Deep Dive: Minnesota Are Blooming Through Their Backcourt
D'Angelo Russell and Anthony Edwards have become a formidable duo of late.
The Minnesota Timberwolves tossed the modern-day conventions out of the window this summer. Pairing their long-tenured franchise player in Karl-Anthony Towns with a prehistoric rim-running big in Rudy Gobert was the antithesis of what the game demands in 2023. These days, it’s shot-creation, ball-handling, shooting and spacing that sit the hooping throne.
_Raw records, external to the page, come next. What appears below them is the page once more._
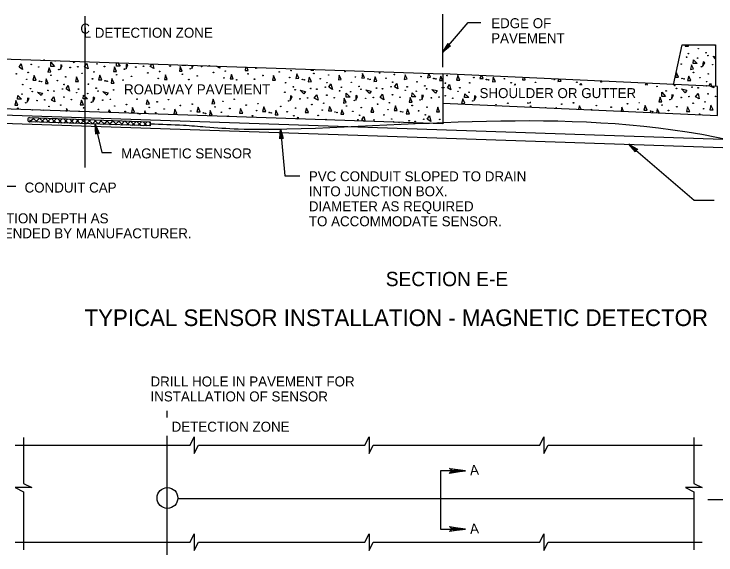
# Model space of a CAD drawing. Extents: x 2709 to 3899, y 22 to 1210.
# Drawn here: x 2819.9 to 3030.6, y 167.3 to 329.8 of the extents above; entities that cross this region are included whole.
import ezdxf

# ---------------------------------------------------------------- set-up
doc = ezdxf.new("R2010")
doc.units = 0
doc.layers.add('2', color=7, linetype='Continuous')
doc.layers.add('3', color=7, linetype='Continuous')

# ---------------------------------------------------------------- blocks, each defined once
blk = doc.blocks.new('RARROW')
at = {"layer": '3'}
blk.add_lwpolyline([(-2.2695, 0.285), (-2.184875, 0.12075), (0, 0), (-2.2695, 0.285), (-2.38575, 0.384625), (0, 0), (-2.183125, -0.108), (-2.262875, -0.2705), (0, 0), (-2.38575, -0.379125), (-2.262875, -0.2705)], dxfattribs=at)

msp = doc.modelspace()

# ---------------------------------------------------------------- linework, layer by layer
at = {"layer": '2'}
for p, q in [((2841.15, 329.17), (2841.15, 283.67)), ((2948.65, 313.79), (2948.65, 329.79)), ((2948.65, 318.29), (2956.28, 327.29)), ((2956.28, 327.29), (2960.03, 327.29)), ((2816.4, 299.54), (3040.28, 291.92)), ((2816.4, 297.04), (3040.28, 289.42)), ((2844.26, 296.74), (2846.28, 288.17)), ((2899.93, 295.3), (2901.15, 281.17)), ((3004.53, 290.67), (3024.15, 273.92)), ((2846.28, 288.17), (2849.15, 288.17)), ((2901.15, 281.17), (2905.65, 281.17)), ((2817.15, 278.04), (2820.4, 278.04)), ((3024.15, 273.92), (3030.15, 273.92)), ((2865.85, 208.54), (2865.85, 210.54)), ((2865.85, 167.29), (2865.85, 203.04)), ((2868.97, 184.29), (3023.97, 184.29))]:
    msp.add_line(p, q, dxfattribs=at)
for points in [[(3017.9, 308.54), (3020.53, 320.54), (3030.53, 320.54), (3030.53, 308.04), (3030.53, 308.04)], [(3021.53, 320.54), (3021.4, 320.17)], [(3022.4, 320.17), (3022.28, 320.54)], [(3021.4, 320.17), (3022.4, 320.17)], [(2801.15, 316.79), (2948.65, 311.79), (2948.65, 296.79), (2801.15, 301.79), (2801.15, 301.79)], [(3030.53, 316.29), (3029.78, 317.17)], [(3029.78, 317.17), (3030.53, 316.92)], [(2837.9, 315.17), (2837.65, 315.54)], [(2838.15, 315.54), (2837.9, 315.17)], [(2850.65, 314.17), (2850.65, 315.04)], [(2851.78, 314.17), (2850.65, 314.17)], [(2851.03, 315.04), (2851.78, 314.17)], [(2860.78, 314.04), (2861.28, 314.67)], [(2861.53, 314.67), (2861.9, 313.42)], [(2870.28, 314.29), (2870.28, 314.42)], [(2871.53, 314.29), (2870.28, 314.29)], [(2871.53, 314.42), (2871.53, 314.29)], [(2873.28, 314.29), (2873.28, 313.42)], [(2873.28, 313.42), (2873.65, 314.29)], [(2861.9, 313.42), (2860.78, 314.04)], [(2881.65, 313.54), (2880.78, 314.04)], [(2881.53, 314.04), (2881.65, 313.54)], [(2889.4, 313.79), (2889.28, 312.79)], [(2889.28, 312.79), (2890.15, 312.79)], [(2890.15, 312.79), (2889.78, 313.79)], [(2892.9, 313.67), (2892.9, 313.54)], [(2892.9, 313.54), (2893.03, 313.67)], [(2909.03, 313.04), (2909.03, 312.92)], [(2909.03, 312.92), (2909.9, 312.92)], [(2909.9, 312.92), (2909.78, 313.04)], [(3018.78, 312.17), (3018.53, 310.79)], [(3019.4, 310.79), (3018.78, 312.17)], [(2944.28, 311.92), (2944.03, 310.67)], [(2944.03, 310.67), (2944.9, 310.79)], [(2944.9, 310.79), (2944.4, 311.92)], [(2948.03, 311.17), (2947.65, 309.79)], [(2948.53, 309.79), (2948.03, 311.17)], [(2960.03, 311.17), (2959.78, 310.42)], [(2959.78, 310.42), (2960.78, 310.42)], [(2960.78, 310.42), (2960.4, 311.17)], [(2972.65, 310.67), (2972.53, 310.04)], [(2972.53, 310.04), (2973.4, 310.04)], [(2973.4, 310.04), (2973.28, 310.67)], [(2983.4, 310.17), (2983.15, 309.54)], [(2984.15, 309.67), (2983.9, 310.17)], [(3018.53, 310.79), (3019.4, 310.79)], [(2947.65, 309.79), (2948.53, 309.79)], [(2970.15, 308.42), (2970.4, 308.79), (2970.4, 308.42)], [(2983.15, 309.54), (2984.15, 309.67)], [(2989.78, 308.42), (2990.15, 308.92), (2990.28, 308.42)], [(3009.53, 308.42), (3009.78, 308.92)], [(3009.9, 308.92), (3010.03, 308.42)], [(3028.53, 308.17), (3029.03, 309.04)], [(3029.03, 309.04), (3029.28, 308.17)], [(3030.03, 307.67), (3029.15, 308.04)], [(3029.9, 308.04), (3030.03, 307.67)], [(2954.65, 304.29), (2954.28, 302.92)], [(2955.28, 303.04), (2954.65, 304.29)], [(2958.65, 304.92), (2958.15, 305.17), (2958.03, 303.79), (2958.65, 304.92)], [(2835.65, 301.42), (2835.53, 300.54)], [(2836.15, 300.54), (2835.65, 301.42)], [(2855.4, 301.67), (2855.15, 300.17)], [(2856.03, 300.29), (2855.4, 301.67)], [(2954.28, 302.92), (2955.28, 303.04)], [(2974.03, 303.17), (2974.03, 303.04), (2975.03, 303.17), (2974.9, 303.17)], [(2982.65, 301.67), (2982.65, 301.42)], [(2982.78, 301.42), (2982.65, 301.67)], [(2989.65, 302.17), (2989.4, 301.17)], [(2990.15, 301.17), (2989.65, 302.17)], [(3002.4, 301.79), (3002.15, 300.54)], [(3002.9, 300.54), (3002.4, 301.79)], [(2828.65, 300.92), (2828.65, 300.79)], [(2828.78, 300.79), (2828.65, 300.92)], [(2839.4, 300.54), (2839.4, 300.42)], [(2839.4, 300.42), (2839.4, 300.54)], [(2848.4, 301.04), (2848.15, 300.17)], [(2848.9, 300.17), (2848.4, 301.04)], [(2855.15, 300.17), (2856.03, 300.29)], [(2859.15, 300.67), (2858.9, 299.79)], [(2859.53, 299.79), (2859.15, 300.67)], [(2868.15, 301.17), (2867.9, 299.79)], [(2867.9, 299.79), (2868.78, 299.92)], [(2868.78, 299.92), (2868.15, 301.17)], [(2878.78, 300.79), (2878.53, 299.42)], [(2878.53, 299.42), (2879.4, 299.42)], [(2879.4, 299.42), (2878.78, 300.79)], [(2993.28, 301.17), (2993.28, 300.92)], [(2993.4, 300.92), (2993.28, 301.17)], [(3013.03, 301.29), (3012.78, 300.04)], [(3013.65, 300.04), (3013.03, 301.29)], [(2824.53, 298.67), (2860.78, 297.42), (2860.78, 296.17), (2824.53, 297.42), (2824.53, 297.42)], [(2824.53, 297.42), (2825.78, 298.54)], [(2825.15, 297.42), (2824.53, 298.04)], [(2826.9, 297.29), (2825.65, 298.54)], [(2826.28, 297.29), (2827.53, 298.54)], [(2828.78, 297.29), (2827.53, 298.54)], [(2828.03, 297.29), (2829.15, 298.42)], [(2830.65, 297.17), (2829.28, 298.42)], [(2829.65, 297.17), (2830.9, 298.42)], [(2832.4, 297.17), (2831.15, 298.42)], [(2831.4, 297.17), (2832.65, 298.42)], [(2834.28, 297.04), (2833.03, 298.29)], [(2833.15, 297.04), (2834.28, 298.29)], [(2834.78, 297.04), (2836.03, 298.29)], [(2836.15, 297.04), (2834.78, 298.29)], [(2836.53, 296.92), (2837.78, 298.17)], [(2837.9, 296.92), (2836.65, 298.17)], [(2838.28, 296.92), (2839.4, 298.17)], [(2839.78, 296.92), (2838.53, 298.17)], [(2839.9, 296.92), (2841.15, 298.04)], [(2841.65, 296.79), (2840.28, 298.04)], [(2841.65, 296.79), (2842.9, 298.04)], [(2843.4, 296.79), (2842.15, 298.04)], [(2843.4, 296.79), (2844.53, 297.92)], [(2845.28, 296.67), (2844.03, 297.92)], [(2845.03, 296.67), (2846.28, 297.92)], [(2847.03, 296.67), (2845.78, 297.92)], [(2846.78, 296.67), (2848.03, 297.79)], [(2848.9, 296.54), (2847.65, 297.79)], [(2848.53, 296.54), (2849.65, 297.79)], [(2850.78, 296.54), (2849.4, 297.79)], [(2850.15, 296.54), (2851.4, 297.67)], [(2852.53, 296.42), (2851.28, 297.67)], [(2851.9, 296.42), (2853.15, 297.67)], [(2854.4, 296.42), (2853.15, 297.67)], [(2853.65, 296.42), (2854.78, 297.54)], [(2856.28, 296.29), (2854.9, 297.54)], [(2855.28, 296.29), (2856.53, 297.54)], [(2858.03, 296.29), (2856.78, 297.54)], [(2857.03, 296.29), (2858.28, 297.54)], [(2859.9, 296.17), (2858.65, 297.42)], [(2858.78, 296.17), (2859.9, 297.42)], [(2860.78, 297.04), (2860.4, 297.42)], [(2904.78, 298.17), (2905.15, 298.79)], [(2905.15, 298.79), (2905.28, 298.17)], [(2924.28, 298.04), (2924.9, 299.04)], [(2925.03, 297.54), (2924.28, 298.04)], [(2924.9, 299.04), (2925.28, 297.54)], [(2935.4, 297.17), (2935.28, 297.29)], [(2935.28, 297.29), (2935.65, 297.17)], [(2860.53, 296.17), (2860.78, 296.54)], [(2820.22, 200.29), (2872.72, 200.29), (2873.97, 202.79), (2873.97, 197.79), (2875.22, 200.29), (2925.22, 200.29), (2926.47, 202.79), (2926.47, 197.79), (2927.72, 200.29), (2977.72, 200.29), (2978.97, 202.79), (2978.97, 197.79), (2980.22, 200.29), (3026.47, 200.29)], [(2822.72, 202.54), (2822.72, 188.79), (2825.22, 187.54), (2820.22, 187.54), (2822.72, 186.29), (2822.72, 168.79)], [(3023.97, 202.54), (3023.97, 188.79), (3026.47, 187.54), (3021.47, 187.54), (3023.97, 186.29), (3023.97, 168.79)], [(2955.47, 192.54), (2947.97, 192.54), (2947.97, 180.04), (2947.97, 175.04), (2955.47, 175.04)], [(2950.85, 193.16), (2951.1, 192.79), (2955.47, 192.54), (2950.85, 193.16), (2950.6, 193.29), (2955.47, 192.54), (2951.1, 192.29), (2950.85, 192.04), (2955.47, 192.54), (2950.6, 191.79), (2950.85, 192.04)], [(3028.22, 183.91), (3035.72, 183.91), (3035.72, 191.41)], [(2950.85, 175.66), (2951.1, 175.29), (2955.47, 175.04), (2950.85, 175.66), (2950.6, 175.79), (2955.47, 175.04), (2951.1, 174.79), (2950.85, 174.54), (2955.47, 175.04), (2950.6, 174.29), (2950.85, 174.54)], [(2820.22, 171.16), (2872.72, 171.16), (2873.97, 173.66), (2873.97, 168.66), (2875.22, 171.16), (2925.22, 171.16), (2926.47, 173.66), (2926.47, 168.66), (2927.72, 171.16), (2977.72, 171.16), (2978.97, 173.66), (2978.97, 168.66), (2980.22, 171.16), (3026.47, 171.16)]]:
    msp.add_lwpolyline(points, dxfattribs=at)
for points in [[(2821.4, 313.79), (2822.03, 314.79), (2822.4, 313.17)], [(2830.9, 314.04), (2830.9, 315.29), (2832.03, 314.04)], [(2834.28, 314.29), (2833.9, 314.54), (2833.78, 313.17)], [(2841.03, 313.92), (2841.78, 314.92), (2842.15, 313.29)], [(2854.03, 314.54), (2853.53, 314.67), (2853.53, 313.29)], [(3023.28, 314.54), (3023.03, 313.17), (3023.9, 313.29)], [(3023.78, 314.92), (3023.9, 316.04), (3025.03, 314.92)], [(3027.28, 315.17), (3026.78, 315.42), (3026.65, 314.04)], [(2830.4, 313.67), (2830.03, 312.29), (2830.9, 312.42)], [(2850.03, 313.92), (2849.78, 312.54), (2850.65, 312.54)], [(2869.78, 314.04), (2869.53, 312.67), (2870.4, 312.67)], [(2825.9, 311.29), (2825.53, 309.92), (2826.53, 309.92)], [(2829.53, 310.29), (2829.28, 308.92), (2830.15, 308.92)], [(2838.65, 310.92), (2838.28, 309.54), (2839.28, 309.54)], [(2845.65, 311.42), (2845.28, 310.04), (2846.28, 310.04)], [(2849.28, 310.42), (2849.03, 309.04), (2849.9, 309.04)], [(2865.4, 311.54), (2865.03, 310.17), (2865.9, 310.17)], [(2885.15, 311.67), (2884.78, 310.29), (2885.65, 310.29)], [(2897.78, 311.29), (2897.53, 309.92), (2898.4, 309.92)], [(2904.78, 311.79), (2904.53, 310.42), (2905.4, 310.54)], [(2908.53, 310.79), (2908.15, 309.42), (2909.15, 309.54)], [(2917.53, 311.42), (2917.28, 310.04), (2918.15, 310.17)], [(2924.53, 311.92), (2924.28, 310.54), (2925.15, 310.67)], [(2928.28, 310.92), (2927.9, 309.54), (2928.78, 309.67)], [(2937.28, 311.54), (2937.03, 310.17), (2937.9, 310.29)], [(3031.15, 308.04), (2948.65, 311.79), (2948.65, 303.04), (3031.15, 299.29)], [(2953.15, 311.29), (2952.78, 309.92), (2953.78, 309.92)], [(2963.78, 310.79), (2963.53, 309.42), (2964.4, 309.54)], [(3022.53, 311.17), (3022.15, 309.79), (3023.15, 309.79)], [(2835.53, 307.29), (2836.15, 308.29), (2836.53, 306.67)], [(2914.4, 307.79), (2915.03, 308.79), (2915.53, 307.17)], [(2934.15, 307.92), (2934.78, 308.92), (2935.15, 307.29)], [(2950.03, 307.67), (2950.65, 308.67), (2951.03, 307.04)], [(2828.4, 306.04), (2828.03, 305.29), (2826.9, 306.29)], [(2848.15, 306.17), (2847.78, 305.42), (2846.53, 306.54)], [(2907.4, 306.54), (2906.9, 305.79), (2905.78, 306.92)], [(2919.65, 304.79), (2919.65, 306.04), (2920.78, 304.79)], [(2927.15, 306.67), (2926.65, 305.92), (2925.53, 307.04)], [(2929.78, 304.67), (2930.53, 305.67), (2930.9, 304.04)], [(2939.28, 304.92), (2939.4, 306.17), (2940.53, 304.92)], [(2946.9, 306.79), (2946.4, 306.04), (2945.28, 307.17)], [(2955.15, 304.67), (2955.28, 305.79), (2956.4, 304.67)], [(3014.4, 305.04), (3014.4, 306.29), (3015.53, 305.04)], [(3021.9, 306.92), (3021.4, 306.17), (3020.28, 307.29)], [(3024.53, 304.92), (3025.28, 305.92), (3025.65, 304.29)], [(2820.4, 303.79), (2820.15, 302.42), (2821.03, 302.42)], [(2820.9, 304.17), (2821.03, 305.29), (2822.15, 304.17)], [(2824.4, 304.42), (2823.9, 304.54), (2823.78, 303.29)], [(2831.15, 303.92), (2831.78, 304.92), (2832.15, 303.42)], [(2840.15, 303.92), (2839.78, 302.54), (2840.78, 302.54)], [(2840.65, 304.29), (2840.78, 305.42), (2841.9, 304.29)], [(2844.15, 304.54), (2843.65, 304.79), (2843.53, 303.42)], [(2859.9, 304.04), (2859.53, 302.67), (2860.53, 302.79)], [(2879.65, 304.17), (2879.28, 302.79), (2880.15, 302.92)], [(2903.4, 304.92), (2902.9, 305.17), (2902.78, 303.79)], [(2910.03, 304.54), (2910.78, 305.54), (2911.15, 303.92)], [(2919.03, 304.54), (2918.78, 303.04), (2919.65, 303.17)], [(2923.03, 305.04), (2922.53, 305.29), (2922.53, 303.92)], [(2938.78, 304.67), (2938.53, 303.29), (2939.4, 303.29)], [(2942.78, 305.29), (2942.28, 305.42), (2942.28, 304.04)], [(3013.9, 304.79), (3013.53, 303.42), (3014.4, 303.42)], [(3017.9, 305.42), (3017.4, 305.54), (3017.28, 304.17)], [(2875.15, 301.79), (2874.78, 300.42), (2875.78, 300.42)], [(2887.9, 301.42), (2887.53, 300.04), (2888.53, 300.04)], [(2894.9, 301.92), (2894.53, 300.54), (2895.53, 300.54)], [(2907.65, 301.54), (2907.28, 300.17), (2908.28, 300.17)], [(2914.65, 302.04), (2914.28, 300.67), (2915.28, 300.67)], [(2927.4, 301.67), (2927.03, 300.29), (2927.9, 300.29)], [(2934.4, 302.17), (2934.03, 300.79), (2934.9, 300.79)], [(2947.15, 301.79), (2946.78, 300.42), (2947.65, 300.42)], [(3009.4, 302.29), (3009.03, 300.92), (3010.03, 300.92)], [(3022.15, 301.92), (3021.78, 300.54), (3022.78, 300.54)], [(3029.15, 302.42), (3028.78, 301.04), (3029.78, 301.04)], [(2898.53, 300.92), (2898.28, 299.54), (2899.15, 299.54)], [(2918.28, 301.04), (2918.03, 299.67), (2918.9, 299.67)], [(2938.03, 301.17), (2937.65, 299.79), (2938.65, 299.79)], [(2943.9, 298.17), (2944.65, 299.17), (2945.03, 297.54)]]:
    msp.add_lwpolyline(points, close=True, dxfattribs=at)
for centre, radius in [((3030.39, 320.4), 0.0919), ((3025.35, 319.39), 0.0919), ((3021.82, 316.83), 0.0919), ((3022.38, 317.9), 0.0919), ((3025.14, 316.55), 0.0919), ((3027.69, 318.17), 0.0919), ((3028.24, 317.3), 0.0919), ((2825.05, 314.66), 0.0919), ((2828.88, 315.97), 0.0919), ((2832.2, 315.69), 0.0919), ((2839.02, 313.97), 0.0919), ((2844.78, 314.8), 0.0919), ((2847.03, 314.02), 0.0919), ((2858.76, 314.11), 0.0919), ((2866.77, 314.16), 0.0919), ((2876.19, 313.99), 0.0919), ((2878.49, 314.25), 0.0919), ((3020.24, 314.75), 0.0919), ((3029.66, 314.58), 0.0919), ((2824.11, 312.25), 0.0919), ((2827.3, 313.88), 0.0919), ((2833.32, 313.09), 0.0919), ((2836.72, 313.72), 0.0919), ((2840.3, 311.97), 0.0919), ((2843.85, 312.39), 0.0919), ((2853.05, 313.23), 0.0919), ((2856.46, 313.86), 0.0919), ((2860.04, 312.11), 0.0919), ((2863.58, 312.52), 0.0919), ((2872.79, 313.36), 0.0919), ((2879.77, 312.25), 0.0919), ((2883.32, 312.66), 0.0919), ((2892.52, 313.5), 0.0919), ((2899.51, 312.39), 0.0919), ((2903.05, 312.8), 0.0919), ((2909.9, 311.96), 0.0919), ((2919.24, 312.52), 0.0919), ((2929.63, 312.1), 0.0919), ((3023.9, 312.27), 0.0919), ((3026.26, 313.95), 0.0919), ((2820.57, 311.83), 0.0919), ((2823.7, 310.18), 0.0919), ((2830.96, 311.41), 0.0919), ((2832.89, 309.81), 0.0919), ((2835.41, 310.93), 0.0919), ((2843.43, 310.32), 0.0919), ((2850.69, 311.55), 0.0919), ((2852.62, 309.95), 0.0919), ((2855.14, 311.07), 0.0919), ((2863.17, 310.45), 0.0919), ((2870.43, 311.69), 0.0919), ((2872.36, 310.09), 0.0919), ((2874.88, 311.2), 0.0919), ((2882.9, 310.59), 0.0919), ((2886.72, 310.02), 0.0919), ((2890.16, 311.83), 0.0919), ((2892.09, 310.22), 0.0919), ((2894.61, 311.34), 0.0919), ((2902.64, 310.73), 0.0919), ((2906.45, 310.15), 0.0919), ((2907.05, 310.02), 0.0919), ((2911.82, 310.36), 0.0919), ((2914.35, 311.48), 0.0919), ((2922.37, 310.87), 0.0919), ((2926.19, 310.29), 0.0919), ((2926.79, 310.16), 0.0919), ((2931.56, 310.5), 0.0919), ((2934.08, 311.62), 0.0919), ((2942.11, 311.01), 0.0919), ((2945.92, 310.43), 0.0919), ((2946.52, 310.3), 0.0919), ((2949.91, 311.33), 0.0919), ((2957.94, 310.71), 0.0919), ((2961.75, 310.14), 0.0919), ((2962.35, 310), 0.0919), ((2967.12, 310.35), 0.0919), ((2981.49, 310.28), 0.0919), ((2982.09, 310.14), 0.0919), ((3020.45, 310.46), 0.0919), ((3021.06, 310.33), 0.0919), ((3025.83, 310.67), 0.0919), ((3028.35, 311.79), 0.0919), ((2822.48, 308.59), 0.0919), ((2827.52, 309.6), 0.0919), ((2828.12, 309.47), 0.0919), ((2834.9, 308.62), 0.0919), ((2842.21, 308.73), 0.0919), ((2847.25, 309.74), 0.0919), ((2847.85, 309.61), 0.0919), ((2901.41, 309.15), 0.0919), ((2903.75, 307.92), 0.0919), ((2913.35, 307.83), 0.0919), ((2913.84, 309.17), 0.0919), ((2918.18, 307.79), 0.0919), ((2921.15, 309.28), 0.0919), ((2923.49, 308.06), 0.0919), ((2933.09, 307.96), 0.0919), ((2933.57, 309.31), 0.0919), ((2937.91, 307.93), 0.0919), ((2940.88, 309.42), 0.0919), ((2943.22, 308.2), 0.0919), ((2948.45, 307.69), 0.0919), ((2948.92, 307.67), 0.0919), ((2949.41, 309.02), 0.0919), ((2956.71, 309.13), 0.0919), ((2969.14, 309.16), 0.0919), ((2976.45, 309.27), 0.0919), ((2988.87, 309.3), 0.0919), ((2996.18, 309.41), 0.0919), ((3012.95, 308.05), 0.0919), ((3018.26, 308.32), 0.0919), ((3023.48, 307.81), 0.0919), ((3027.84, 309.48), 0.0919), ((3027.86, 308.22), 0.0919), ((2822.26, 305.75), 0.0919), ((2824.82, 307.37), 0.0919), ((2825.36, 306.5), 0.0919), ((2830.04, 306.86), 0.0919), ((2831.86, 306.66), 0.0919), ((2834.42, 307.27), 0.0919), ((2838.68, 306.17), 0.0919), ((2839.24, 307.24), 0.0919), ((2841.99, 305.89), 0.0919), ((2844.55, 307.51), 0.0919), ((2845.1, 306.64), 0.0919), ((2849.78, 307), 0.0919), ((2901.2, 306.3), 0.0919), ((2904.3, 307.05), 0.0919), ((2908.98, 307.41), 0.0919), ((2910.8, 307.21), 0.0919), ((2917.62, 306.73), 0.0919), ((2920.93, 306.44), 0.0919), ((2924.04, 307.19), 0.0919), ((2928.72, 307.55), 0.0919), ((2930.53, 307.35), 0.0919), ((2933.52, 305.55), 0.0919), ((2937.35, 306.87), 0.0919), ((2940.67, 306.58), 0.0919), ((2943.77, 307.33), 0.0919), ((2953.18, 306.57), 0.0919), ((2953.74, 307.64), 0.0919), ((2956.5, 306.29), 0.0919), ((3015.7, 306.7), 0.0919), ((3018.81, 307.45), 0.0919), ((3025.3, 307.61), 0.0919), ((3028.29, 305.81), 0.0919), ((2826.78, 303.78), 0.0919), ((2829.09, 304.03), 0.0919), ((2834.85, 304.86), 0.0919), ((2837.1, 304.09), 0.0919), ((2846.52, 303.92), 0.0919), ((2848.82, 304.17), 0.0919), ((2856.83, 304.22), 0.0919), ((2862.85, 303.43), 0.0919), ((2866.25, 304.06), 0.0919), ((2882.59, 303.57), 0.0919), ((2885.99, 304.2), 0.0919), ((2902.32, 303.7), 0.0919), ((2905.72, 304.33), 0.0919), ((2908.03, 304.59), 0.0919), ((2913.79, 305.41), 0.0919), ((2916.04, 304.64), 0.0919), ((2922.06, 303.84), 0.0919), ((2925.46, 304.47), 0.0919), ((2927.76, 304.72), 0.0919), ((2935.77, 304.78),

All you have to do is look at the recent champions to get an idea of why having multiple players who can do those things is important. Stephen Curry and Klay Thompson have hoisted the hardware four times since 2015. Giannis Antetokounmpo, Khris Middleton and Jrue Holiday paced the 2020-21 Milwaukee Bucks. Kawhi Leonard and Kyle Lowry. Champs. LeBron James and Kyrie Irving, too.
Now, the Wolves don’t have that sort of top-end talent. They probably aren’t going to be lifting the Larry O’Brien trophy anytime in the immediate future. So, in an effort just to become one of those consistent Western Conference competitors, they zigged while everyone was busy zagging their way to success.
But they also didn’t.
They still have their backcourt. They still have their ball-handlers and shot-creators and floor-spacers. And, after months of wading through the murky waters of roster uncertainty, Anthony Edwards and D’Angelo Russell have rediscovered their synergy. Most importantly, they’ve rediscovered their on-court trust.
For much of the season, the zigging has looked like a disastrous move. Towns remains sidelined with a lingering calf strain, the ransom they paid for Gobert seemed to have warped and twisted into more of an ever-looming gargoyle sent to haunt the franchise by the night, and they have toiled fruitlessly in the bottom half of the Western Conference for the better part of the 52 games they’ve played thus far.
Their backcourt was part of that putrid vibe, as well. Before the calendar flipped into 2023, Russell and Edwards had shared the floor for the most minutes of any two-man lineup on the roster (931) and the team had been outscored by 2.1 points per 100 possessions. For a team looking to genuinely compete for home court advantage come playoff time, it’s a mountain of disappointing minutes. In fact, it’s almost nine points per 100 possessions worse than last season, when they were dropkicking teams to the tune of a +7.1 net rating while sharing the floor.
Blame wasn’t hard to locate. It encircled everyone and everything. Russell crawled out of the gates and was one of the worst guards in the league for the first chunk of the season, and Edwards was more slipshod than superhero while he adjusted to life as a budding superstar in year three. The overbearing presence of Gobert’s funky style and Towns’ spotty shooting and eventual injury only complicated things further.
The duo might not have been the captains of the sinking ship, but they were in the boiler room and their shovels were consistently missing the coal. Without a competent backcourt, there is no way Minnesota’s big gamble was even going to trickle into the stratosphere it needed to. The Wolves still need that aforementioned lead-guard skillset. Preferably from more than one player. And no amount of Rudy Gobert or even Karl-Anthony Towns can scratch that itch.
Then it clicked. The light went off. The bells of success starting tolling. And, unsurprisingly, the sweet scent of winning started waft along with it.